Assignment: Could you retype, exactly and with no pictures, only the lines from the first line of the records below through the line that contains "doc.linetypes.add(name, pattern=pattern)"?

Dataset records:
=== Begin Enclosure ===

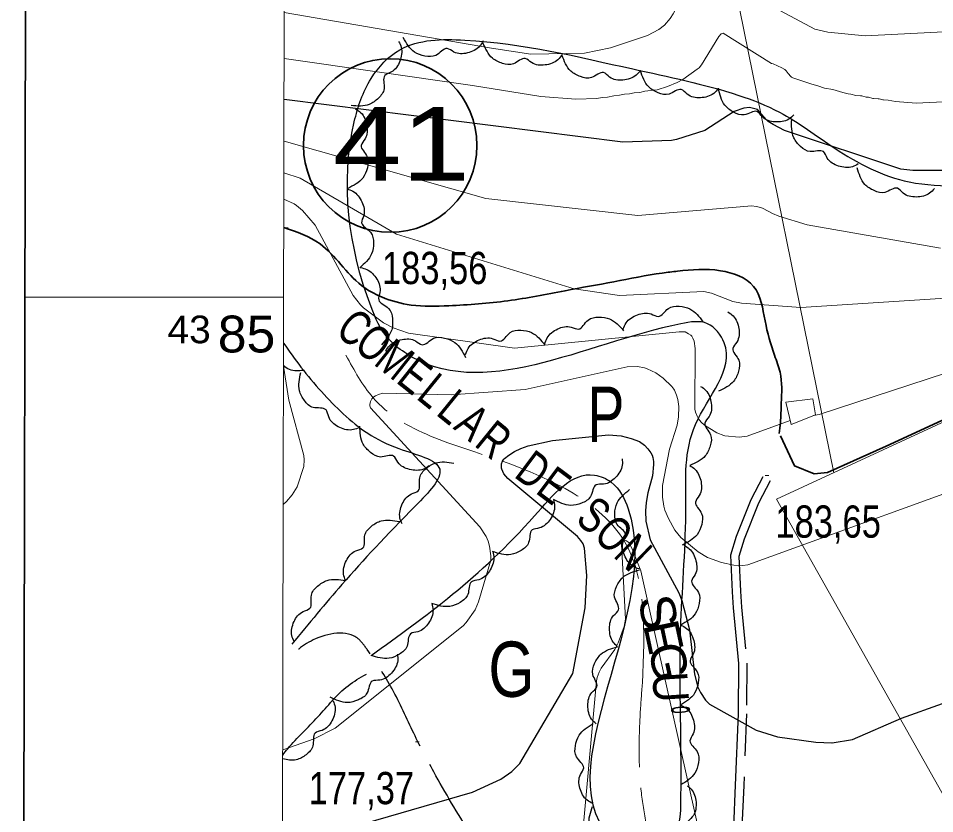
# Model space of a CAD drawing. Extents: x 483847 to 488453, y 4383581 to 4386795.
# Drawn here: x 484030.4 to 484279, y 4384859.8 to 4385075.7 of the extents above; entities that cross this region are included whole.
import ezdxf
from ezdxf.enums import TextEntityAlignment as Align

# ---------------------------------------------------------------- set-up
doc = ezdxf.new("R2010")
doc.units = 0
doc.header["$LTSCALE"] = 3.8
for name, pattern in [('DOTTED', [1.5, 0.3, -1.2]), ('LONG_DASHED', [7.5, 6, -1.5]), ('MEDIUM_DASHED', [4.5, 3, -1.5])]:
    doc.linetypes.add(name, pattern=pattern)
for name, color, linetype, lineweight in [('1', 7, 'Continuous', 13), ('13', 7, 'Continuous', 25), ('15', 7, 'LONG_DASHED', 13), ('2', 7, 'DOTTED', 13), ('27', 7, 'Continuous', 25), ('38', 7, 'Continuous', 25), ('47', 7, 'Continuous', 35), ('51', 7, 'Continuous', 13), ('6', 7, 'Continuous', 35), ('7', 7, 'Continuous', 13), ('8', 7, 'Continuous', 25), ('9', 7, 'Continuous', 13)]:
    doc.layers.add(name, color=color, linetype=linetype, lineweight=lineweight)
doc.layers.add('31', color=7, linetype='Continuous')
doc.layers.add('5', color=7, linetype='Continuous')

msp = doc.modelspace()

# ---------------------------------------------------------------- linework, layer by layer
at = {"layer": '1'}
msp.add_line((484102.37, 4385000), (484032.14, 4385000), dxfattribs=at)
at = {"layer": '1', "lineweight": 35}
msp.add_lwpolyline([(484035.03, 4386519.58), (487752.53, 4386512.52), (487747.86, 4384057.52), (484030.36, 4384064.59)], close=True, dxfattribs=at)
at = {"layer": '1'}
msp.add_lwpolyline([(484105.5, 4386448.1), (487681.9, 4386441.2), (487678, 4384129), (484100.5, 4384135.8)], close=True, dxfattribs=at)
at = {"layer": '15'}
for points in [[(484199.72, 4384895.26), (484194.73, 4384933.86), (484161.74, 4384955.47), (484126.6, 4384972.74), (484119.28, 4384984.24)], [(484199.72, 4384895.26), (484199.12, 4384887.01), (484198.9, 4384873.03), (484199.36, 4384866), (484200.74, 4384856.93), (484201.27, 4384852.68), (484201.35, 4384844.63)]]:
    msp.add_spline(points, degree=3, dxfattribs=at)
at = {"layer": '27'}
for points in [[(484126.09, 4384902.79), (484170.42, 4384940.62), (484186.72, 4384951.71), (484191.28, 4384949.75), (484195.85, 4384942.58), (484195.2, 4384850.61), (484198.46, 4384849.31), (484203.02, 4384849.96), (484206.93, 4384851.91), (484210.19, 4384864.31), (484210.19, 4384911.92), (484211.5, 4384943.23), (484214.1, 4384965.41), (484221.93, 4384987.58), (484217.36, 4384992.8), (484210.19, 4384992.8), (484135.22, 4384984.97), (484130.65, 4384988.89), (484126.09, 4384997.37), (484121.53, 4385047.59), (484126.09, 4385059.33), (484133.91, 4385067.16), (484151.52, 4385069.77), (484197.15, 4385061.94), (484225.84, 4385054.77), (484236.92, 4385050.2), (484251.92, 4385040.42), (484272.13, 4385031.28), (484285.82, 4385029.98), (484298.2, 4385029.33), (484332.11, 4385039.76), (484352.32, 4385052.16), (484358.18, 4385050.2), (484379.05, 4385045.63), (484396, 4385044.98), (484413.6, 4385057.38), (484413.6, 4385076.29), (484415.56, 4385110.21), (484421.42, 4385117.38), (484434.46, 4385125.86), (484452.06, 4385127.17), (484517.26, 4385131.08), (484535.51, 4385145.43), (484539.43, 4385153.26), (484534.21, 4385163.04), (484527.69, 4385172.17), (484530.3, 4385183.26), (484560.29, 4385234.79), (484583.76, 4385251.75), (484588.32, 4385252.4), (484664.6, 4385247.83), (484699.15, 4385252.4), (484722.1, 4385262.06)], [(484133.56, 4385069.43), (484134.25, 4385067.79), (484133.87, 4385064.02), (484131.59, 4385061.12), (484129.79, 4385060.14), (484129.61, 4385056.59), (484128.08, 4385054.02), (484125.6, 4385052.3), (484120.65, 4385051.99)], [(484156.51, 4385069.57), (484155.55, 4385068.08), (484152.22, 4385066.27), (484148.54, 4385066.53), (484146.71, 4385067.47), (484143.68, 4385065.62), (484140.7, 4385065.44), (484137.88, 4385066.53), (484134.83, 4385070.44)], [(484177.91, 4385065.83), (484176.8, 4385064.45), (484173.29, 4385063.01), (484169.65, 4385063.66), (484167.94, 4385064.8), (484164.72, 4385063.29), (484161.74, 4385063.43), (484159.06, 4385064.82), (484156.45, 4385069.04)], [(484199.18, 4385061.55), (484198.01, 4385060.22), (484194.44, 4385058.93), (484190.83, 4385059.74), (484189.17, 4385060.95), (484185.89, 4385059.58), (484182.92, 4385059.85), (484180.3, 4385061.36), (484177.88, 4385065.69)], [(484220.29, 4385056.57), (484219.07, 4385055.29), (484215.46, 4385054.13), (484211.89, 4385055.07), (484210.27, 4385056.34), (484206.94, 4385055.09), (484203.98, 4385055.47), (484201.42, 4385057.07), (484199.16, 4385061.48)], [(484240.79, 4385049.44), (484239.43, 4385048.3), (484235.7, 4385047.57), (484232.27, 4385048.91), (484230.81, 4385050.35), (484227.36, 4385049.49), (484224.46, 4385050.21), (484222.09, 4385052.09), (484220.35, 4385056.74)], [(484121.88, 4385051.1), (484123.31, 4385050.06), (484124.92, 4385046.63), (484124.45, 4385042.96), (484123.4, 4385041.2), (484125.07, 4385038.06), (484125.08, 4385035.07), (484123.83, 4385032.32), (484119.74, 4385029.51)], [(484258.29, 4385036.18), (484256.7, 4385035.4), (484252.91, 4385035.59), (484249.9, 4385037.73), (484248.83, 4385039.49), (484245.27, 4385039.49), (484242.64, 4385040.88), (484240.8, 4385043.28), (484240.23, 4385048.21)], [(484278.94, 4385029.45), (484277.67, 4385028.2), (484274.02, 4385027.18), (484270.48, 4385028.24), (484268.91, 4385029.57), (484265.54, 4385028.44), (484262.6, 4385028.92), (484260.09, 4385030.61), (484257.99, 4385035.1)], [(484119.5, 4385029.37), (484121.16, 4385028.73), (484123.6, 4385025.83), (484124.09, 4385022.17), (484123.53, 4385020.2), (484125.96, 4385017.6), (484126.74, 4385014.71), (484126.23, 4385011.73), (484123.01, 4385007.96)], [(484123.21, 4385008.01), (484124.92, 4385007.54), (484127.64, 4385004.9), (484128.5, 4385001.31), (484128.15, 4384999.29), (484130.82, 4384996.95), (484131.89, 4384994.16), (484131.69, 4384991.14), (484128.87, 4384987.06)], [(484194.54, 4384991.39), (484195.3, 4384993), (484198.37, 4384995.22), (484202.06, 4384995.44), (484203.99, 4384994.74), (484206.76, 4384996.97), (484209.69, 4384997.53), (484212.63, 4384996.81), (484216.15, 4384993.33)], [(484173.22, 4384987.26), (484173.85, 4384988.92), (484176.74, 4384991.38), (484180.4, 4384991.89), (484182.38, 4384991.34), (484184.96, 4384993.78), (484187.84, 4384994.58), (484190.83, 4384994.09), (484194.62, 4384990.89)], [(484222.93, 4384996.02), (484224.34, 4384994.94), (484225.88, 4384991.48), (484225.34, 4384987.83), (484224.26, 4384986.08), (484225.87, 4384982.91), (484225.82, 4384979.93), (484224.51, 4384977.2), (484220.37, 4384974.47)], [(484151.72, 4384984.48), (484152.43, 4384986.1), (484155.45, 4384988.41), (484159.13, 4384988.72), (484161.07, 4384988.07), (484163.79, 4384990.37), (484166.7, 4384991.01), (484169.66, 4384990.37), (484173.27, 4384986.97)], [(484102.34, 4384987.5), (484107.05, 4384981.01), (484118.55, 4384968.34), (484133.64, 4384958.91), (484144.7, 4384953.31), (484138.24, 4384943.46), (484118.16, 4384922.01), (484104.59, 4384905.83)], [(484130.07, 4384985.37), (484131.09, 4384986.83), (484134.49, 4384988.51), (484138.16, 4384988.11), (484139.94, 4384987.1), (484143.05, 4384988.83), (484146.03, 4384988.9), (484148.81, 4384987.7), (484151.7, 4384983.67)], [(484107.65, 4384980.14), (484105.89, 4384979.98), (484102.4, 4384981.48), (484102.33, 4384981.59)], [(484122.57, 4384964.44), (484120.85, 4384963.97), (484117.16, 4384964.85), (484114.59, 4384967.5), (484113.87, 4384969.42), (484110.37, 4384970.07), (484108.03, 4384971.92), (484106.66, 4384974.62), (484107.01, 4384979.57)], [(484215.52, 4384975.8), (484216.92, 4384974.71), (484218.4, 4384971.21), (484217.79, 4384967.57), (484216.67, 4384965.85), (484218.22, 4384962.65), (484218.12, 4384959.66), (484216.76, 4384956.96), (484212.57, 4384954.31)], [(484141.87, 4384954.2), (484140.33, 4384953.32), (484136.53, 4384953.25), (484133.39, 4384955.18), (484132.2, 4384956.86), (484128.66, 4384956.62), (484125.93, 4384957.84), (484123.94, 4384960.11), (484123.04, 4384964.99)], [(484134.5, 4384938.45), (484133.92, 4384940.13), (484134.55, 4384943.87), (484137.02, 4384946.61), (484138.89, 4384947.46), (484139.3, 4384951), (484140.99, 4384953.45), (484143.59, 4384955), (484148.55, 4384954.99)], [(484194.23, 4384956.16), (484194.24, 4384954.39), (484192.42, 4384951.06), (484189.19, 4384949.27), (484187.15, 4384949.07), (484185.61, 4384945.86), (484183.21, 4384944.09), (484180.25, 4384943.48), (484175.56, 4384945.1)], [(484212.58, 4384954.32), (484214.02, 4384953.27), (484215.63, 4384949.84), (484215.16, 4384946.18), (484214.12, 4384944.41), (484215.79, 4384941.27), (484215.8, 4384938.29), (484214.55, 4384935.54), (484210.47, 4384932.72)], [(484198.8, 4384926.25), (484197.17, 4384926.96), (484194.86, 4384929.97), (484194.53, 4384933.64), (484195.17, 4384935.6), (484192.86, 4384938.3), (484192.21, 4384941.21), (484192.84, 4384944.17), (484196.23, 4384947.8)], [(484175.59, 4384945.03), (484175.9, 4384943.28), (484174.68, 4384939.69), (484171.8, 4384937.38), (484169.82, 4384936.83), (484168.84, 4384933.41), (484166.78, 4384931.26), (484163.97, 4384930.14), (484159.07, 4384930.95)], [(484119.15, 4384923.1), (484118.63, 4384924.79), (484119.4, 4384928.51), (484121.97, 4384931.16), (484123.87, 4384931.94), (484124.42, 4384935.46), (484126.2, 4384937.85), (484128.85, 4384939.3), (484133.81, 4384939.1)], [(484210.95, 4384932.69), (484212.44, 4384931.74), (484214.26, 4384928.41), (484214.02, 4384924.72), (484213.08, 4384922.9), (484214.94, 4384919.87), (484215.13, 4384916.89), (484214.05, 4384914.07), (484210.15, 4384911.01)], [(484159.09, 4384930.95), (484159.4, 4384929.2), (484158.18, 4384925.61), (484155.3, 4384923.3), (484153.32, 4384922.75), (484152.35, 4384919.33), (484150.28, 4384917.18), (484147.47, 4384916.07), (484142.57, 4384916.87)], [(484192.99, 4384905.13), (484191.77, 4384906.41), (484190.79, 4384910.08), (484191.91, 4384913.6), (484193.26, 4384915.15), (484192.18, 4384918.54), (484192.71, 4384921.47), (484194.43, 4384923.96), (484198.96, 4384925.99)], [(484105.17, 4384906.52), (484104.57, 4384908.19), (484105.18, 4384911.94), (484107.64, 4384914.69), (484109.5, 4384915.56), (484109.89, 4384919.09), (484111.57, 4384921.56), (484114.16, 4384923.12), (484119.12, 4384923.14)], [(484142.59, 4384916.87), (484142.9, 4384915.12), (484141.68, 4384911.53), (484138.8, 4384909.22), (484136.82, 4384908.67), (484135.85, 4384905.25), (484133.78, 4384903.1), (484130.97, 4384901.99), (484126.08, 4384902.79)], [(484210.19, 4384911.02), (484211.71, 4384910.11), (484213.64, 4384906.84), (484213.51, 4384903.15), (484212.64, 4384901.3), (484214.59, 4384898.33), (484214.88, 4384895.36), (484213.89, 4384892.5), (484210.09, 4384889.32)], [(484187.14, 4384884.24), (484185.91, 4384885.52), (484184.92, 4384889.18), (484186.01, 4384892.7), (484187.35, 4384894.26), (484186.24, 4384897.64), (484186.75, 4384900.58), (484188.46, 4384903.08), (484192.97, 4384905.15)], [(484133.25, 4384903.13), (484133.31, 4384901.35), (484131.61, 4384897.96), (484128.44, 4384896.07), (484126.41, 4384895.8), (484124.97, 4384892.55), (484122.63, 4384890.7), (484119.69, 4384889.98), (484114.96, 4384891.45)], [(484102.1, 4384875.72), (484103.49, 4384877.45), (484111.64, 4384886.07), (484119.84, 4384894.56), (484124.8, 4384897.73)], [(484115.81, 4384890.44), (484116.3, 4384888.74), (484115.45, 4384885.04), (484112.82, 4384882.44), (484110.91, 4384881.7), (484110.29, 4384878.2), (484108.46, 4384875.84), (484105.78, 4384874.45), (484102.1, 4384874.67)], [(484210.09, 4384889.33), (484211.62, 4384888.43), (484213.57, 4384885.18), (484213.48, 4384881.49), (484212.62, 4384879.63), (484214.6, 4384876.67), (484214.91, 4384873.71), (484213.94, 4384870.84), (484210.17, 4384867.63)], [(484186.23, 4384862.58), (484184.7, 4384863.49), (484182.77, 4384866.76), (484182.9, 4384870.45), (484183.78, 4384872.3), (484181.82, 4384875.27), (484181.54, 4384878.24), (484182.53, 4384881.1), (484186.33, 4384884.28)], [(484211.99, 4384867.38), (484213.24, 4384866.12), (484214.29, 4384862.48), (484213.26, 4384858.94), (484211.94, 4384857.36), (484213.1, 4384853.99), (484212.64, 4384851.04), (484210.97, 4384848.53), (484206.5, 4384846.39)], [(484199.8, 4384844.9), (484198.05, 4384844.64), (484194.49, 4384845.96), (484192.26, 4384848.9), (484191.77, 4384850.9), (484188.38, 4384851.96), (484186.28, 4384854.09), (484185.25, 4384856.93), (484186.19, 4384861.8)]]:
    msp.add_spline(points, degree=3, dxfattribs=at)
at = {"layer": '38'}
msp.add_lwpolyline([(484232.37, 4384951.26), (484229.11, 4384945.01), (484225.2, 4384935.05), (484223.59, 4384929.97), (484224.04, 4384920.04), (484224.35, 4384915.71), (484225.8, 4384900.59), (484225.69, 4384886.94), (484224.92, 4384867.54), (484224.42, 4384856.15), (484224.68, 4384845.1), (484224.82, 4384838.89)], dxfattribs=at)
at = {"layer": '38', "linetype": 'MEDIUM_DASHED'}
msp.add_lwpolyline([(484234.41, 4384950.2), (484231.21, 4384944.06), (484227.37, 4384934.28), (484225.91, 4384929.66), (484226.34, 4384920.17), (484226.64, 4384915.9), (484228.1, 4384900.69), (484227.99, 4384886.88), (484227.22, 4384867.44), (484226.72, 4384856.13), (484226.98, 4384845.16), (484227.11, 4384840.12), (484228.41, 4384831.83), (484231.07, 4384826.18), (484235.47, 4384819.42), (484241.07, 4384813.28), (484248.65, 4384809.22), (484259.62, 4384805.88), (484266.87, 4384803.45), (484274.28, 4384801.68), (484274.48, 4384800.94), (484276.3, 4384800.79)], dxfattribs=at)
at = {"layer": '38', "linetype": 'LONG_DASHED'}
msp.add_spline([(484169.87, 4384830.1), (484162.41, 4384840.66), (484153.05, 4384854.45), (484143.1, 4384871.17), (484137.33, 4384882.34), (484131.36, 4384894.47), (484125.03, 4384904.34), (484122.56, 4384907.32), (484110.41, 4384907), (484102.15, 4384900.59)], degree=3, dxfattribs=at)
at = {"layer": '47', "lineweight": 13}
msp.add_lwpolyline([(484240.11, 4384965.43), (484238.62, 4384971.48), (484245.97, 4384972.4), (484246.73, 4384968.08)], close=True, dxfattribs=at)
at = {"layer": '51'}
for points in [[(484196.34, 4385204.9), (484210.08, 4385148.51), (484225, 4385083.74), (484251.62, 4384952.33)], [(484484.3, 4385057.04), (484379.62, 4385011.61), (484236.15, 4384945.17), (484295.85, 4384839.28)]]:
    msp.add_lwpolyline(points, dxfattribs=at)
at = {"layer": '6'}
msp.add_lwpolyline([(484459.08, 4385019.18), (484455.39, 4385016.01), (484448.82, 4385016.01), (484436.64, 4385020.7), (484429.76, 4385025.69), (484424.76, 4385032.25), (484421.64, 4385032.25), (484282.12, 4384967.05), (484265.88, 4384959.56), (484249.94, 4384952.38), (484246.29, 4384952.07), (484240.98, 4384954.25), (484237.23, 4384962.37)], dxfattribs=at)
msp.add_circle((484131.28, 4385041.16), 23.55, dxfattribs=at)
msp.add_spline([(484102.41, 4385018.95), (484112.24, 4385014.43), (484123.49, 4385003.19), (484128.93, 4385000.06), (484136.94, 4384997.86), (484147.17, 4384997.68), (484163.2, 4384999.01), (484178.72, 4385001.76), (484191.97, 4385004.19), (484205.12, 4385006.55), (484209.27, 4385007.05), (484220.87, 4385007.19), (484229.91, 4385002.93), (484233.01, 4384993.54), (484235.57, 4384984.24), (484237.09, 4384979.61), (484237.41, 4384971.23), (484237.15, 4384965.97), (484236.81, 4384962.99)], degree=3, dxfattribs=at)
at = {"layer": '7'}
for p, q in [((484102.6, 4385018.8), (484103.6, 4385018.8)), ((484233.06, 4384951.61), (484234.06, 4384951.61)), ((484138.1, 4384879.34), (484139.1, 4384879.34))]:
    msp.add_line(p, q, dxfattribs=at)
at = {"layer": '8'}
for points in [[(484286.97, 4385034.4), (484273.13, 4385034.35), (484269.81, 4385034.71), (484238.31, 4385045.23), (484235.18, 4385046.83), (484233.86, 4385047.7), (484233.26, 4385048.18), (484230.91, 4385050.9), (484228.76, 4385051.47), (484227.27, 4385051.28), (484224.6, 4385050.4), (484216.64, 4385045.24), (484208.93, 4385042.78), (484207.59, 4385042.5), (484194.43, 4385042.03), (484102.48, 4385053.67)], [(484117.72, 4384855.23), (484153.62, 4384865.67), (484161.3, 4384869.17), (484164.25, 4384871.24), (484166.41, 4384873.48), (484180.86, 4384897.88), (484184.19, 4384915.69), (484184.63, 4384924.5), (484184.01, 4384931.89), (484183.62, 4384933.03), (484182.98, 4384933.97), (484182.06, 4384935.04), (484163.2, 4384950.75), (484162.07, 4384952.1), (484161.59, 4384953.33), (484161.52, 4384953.62), (484161.46, 4384954.13), (484161.46, 4384954.79), (484161.74, 4384955.47), (484162.13, 4384956.04), (484162.3, 4384956.22), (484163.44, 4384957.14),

=== End Enclosure ===

Solution:
# Model space of a CAD drawing. Extents: x 483847 to 488453, y 4383581 to 4386795.
# Drawn here: x 484030.4 to 484279, y 4384859.8 to 4385075.7 of the extents above; entities that cross this region are included whole.
import ezdxf
from ezdxf.enums import TextEntityAlignment as Align

# ---------------------------------------------------------------- set-up
doc = ezdxf.new("R2010")
doc.units = 0
doc.header["$LTSCALE"] = 3.8
for name, pattern in [('DOTTED', [1.5, 0.3, -1.2]), ('LONG_DASHED', [7.5, 6, -1.5]), ('MEDIUM_DASHED', [4.5, 3, -1.5])]:
    doc.linetypes.add(name, pattern=pattern)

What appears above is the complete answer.